§ Task goal:
Pictures aside, write every record out again word for word.

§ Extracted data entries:
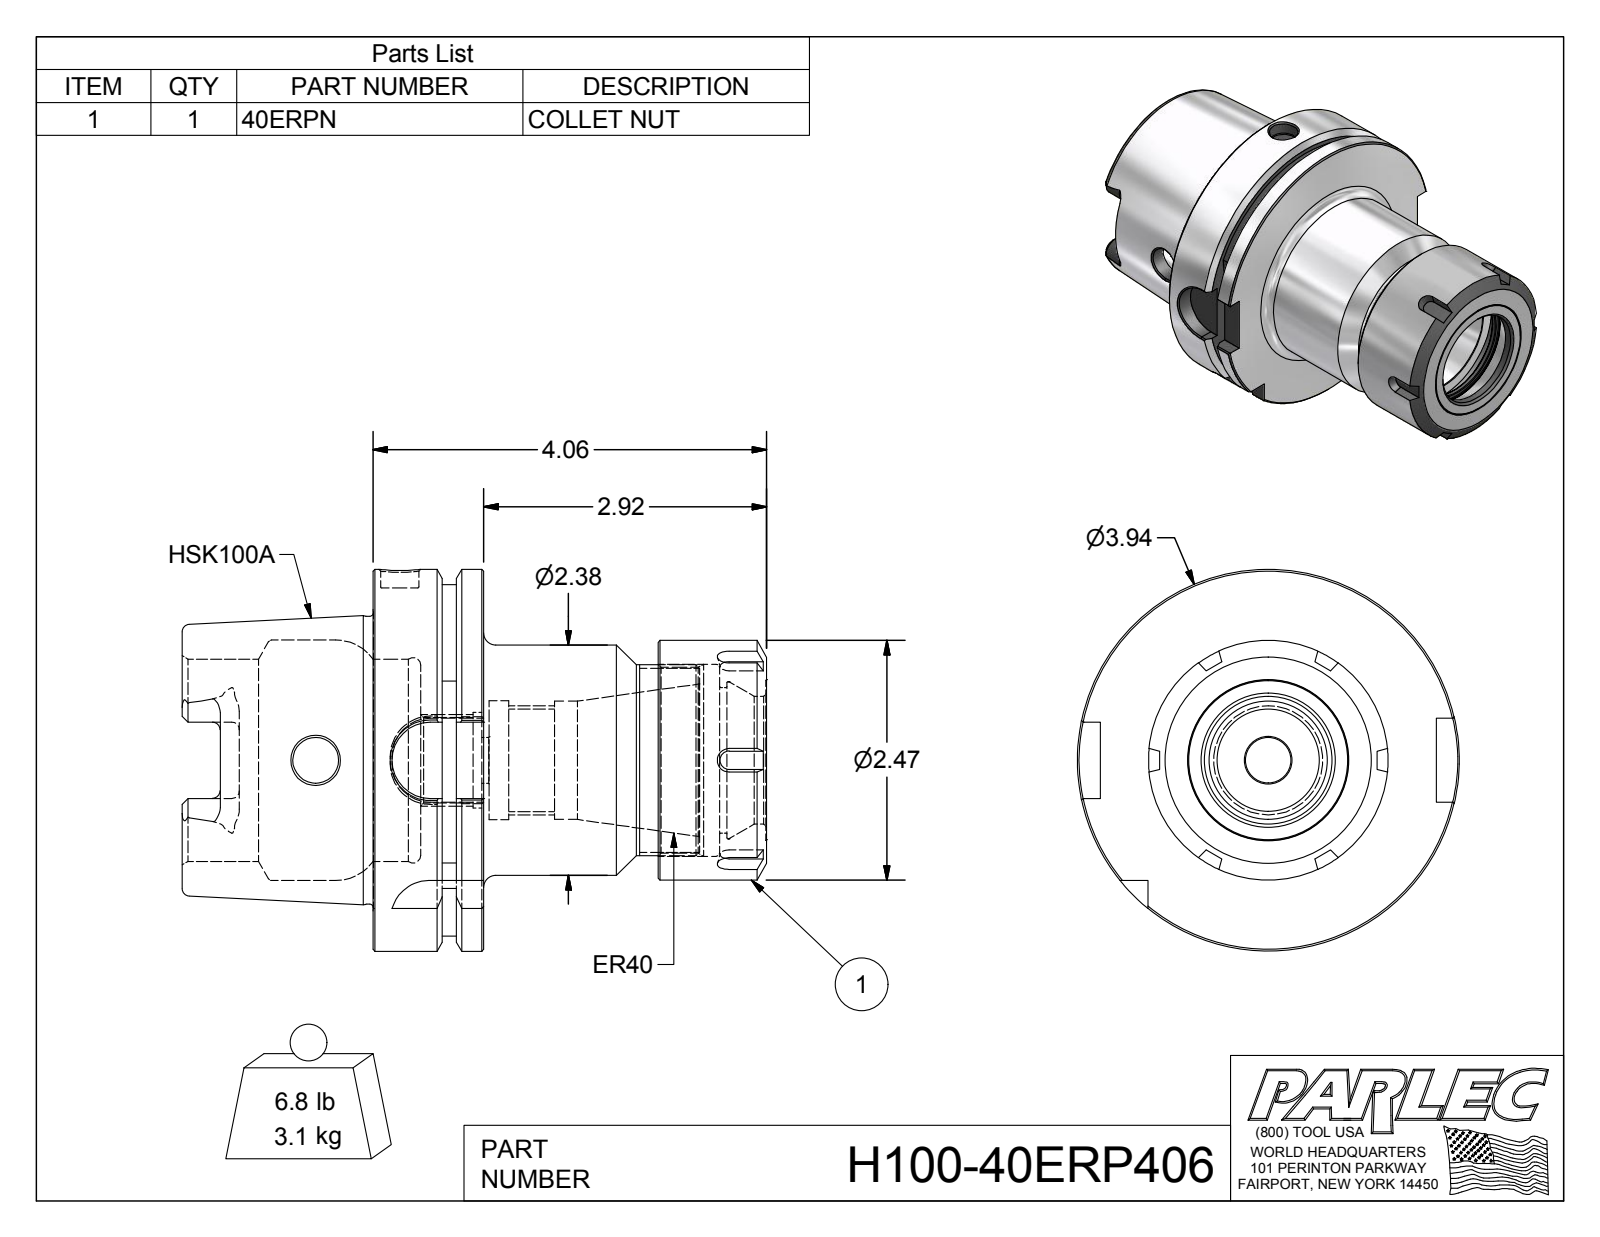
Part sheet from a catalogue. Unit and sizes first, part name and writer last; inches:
Units: inches
Overall size (bounding box): 6.029 × 3.937 × 3.937
Round holes (diameter × count): ⌀0.472 ×2, ⌀0.394 ×1, ⌀0.881 ×1, ⌀0.985 ×1, ⌀1.057 ×1, ⌀1.22 ×1, ⌀1.225 ×1, ⌀1.318 ×1, ⌀1.5 ×1, ⌀1.62 ×1, ⌀1.916 ×1, ⌀1.98 ×1
Round bosses / shafts (diameter × count): ⌀3.937 ×1, ⌀2.967 ×1, ⌀2.47 ×1, ⌀2.375 ×1, ⌀1.969 ×1
Partial cylindrical surfaces — rounded edges, fillets, slot ends (radius × count): R0.079 ×6, R0.192 ×4, R0.394 ×4, R1.811 ×1
Main face-to-face distances: 1.142, 0.492, 0.65, 4.06, 3.568, 2.918, 2.94, 2.448, 1.798, 1.12
Volume: 24.01 in³ · Surface area: 121.7 in²
Bodies: 2 solids, 179 faces (68 planar, 42 cylindrical, 69 other)
Part name (STEP PRODUCT): H100-40ERP406; H100-40ER4-1; 40ERPN
STEP written by: Autodesk Inventor 2012 (AUTOMOTIVE_DESIGN)
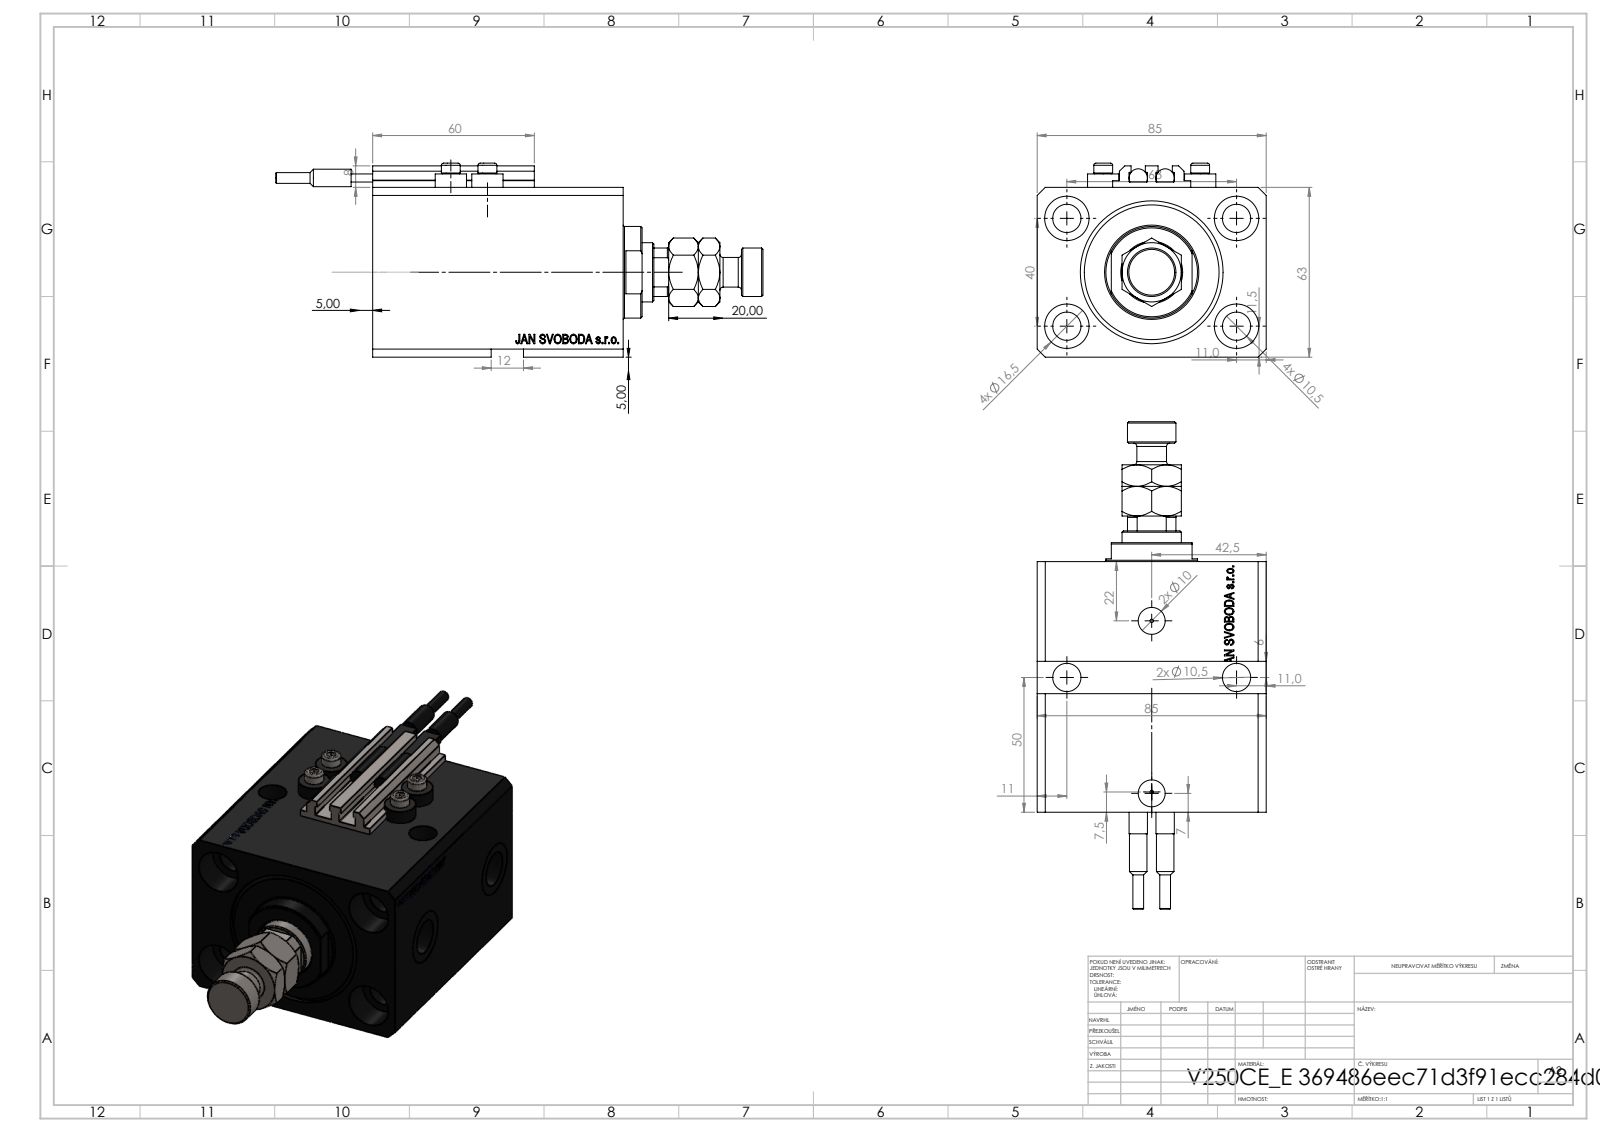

§ Written response:
Part sheet from a catalogue. Unit and sizes first, part name and writer last; inches:
Units: inches
Overall size (bounding box): 6.029 × 3.937 × 3.937
Round holes (diameter × count): ⌀0.472 ×2, ⌀0.394 ×1, ⌀0.881 ×1, ⌀0.985 ×1, ⌀1.057 ×1, ⌀1.22 ×1, ⌀1.225 ×1, ⌀1.318 ×1, ⌀1.5 ×1, ⌀1.62 ×1, ⌀1.916 ×1, ⌀1.98 ×1
Round bosses / shafts (diameter × count): ⌀3.937 ×1, ⌀2.967 ×1, ⌀2.47 ×1, ⌀2.375 ×1, ⌀1.969 ×1
Partial cylindrical surfaces — rounded edges, fillets, slot ends (radius × count): R0.079 ×6, R0.192 ×4, R0.394 ×4, R1.811 ×1
Main face-to-face distances: 1.142, 0.492, 0.65, 4.06, 3.568, 2.918, 2.94, 2.448, 1.798, 1.12
Volume: 24.01 in³ · Surface area: 121.7 in²
Bodies: 2 solids, 179 faces (68 planar, 42 cylindrical, 69 other)
Part name (STEP PRODUCT): H100-40ERP406; H100-40ER4-1; 40ERPN
STEP written by: Autodesk Inventor 2012 (AUTOMOTIVE_DESIGN)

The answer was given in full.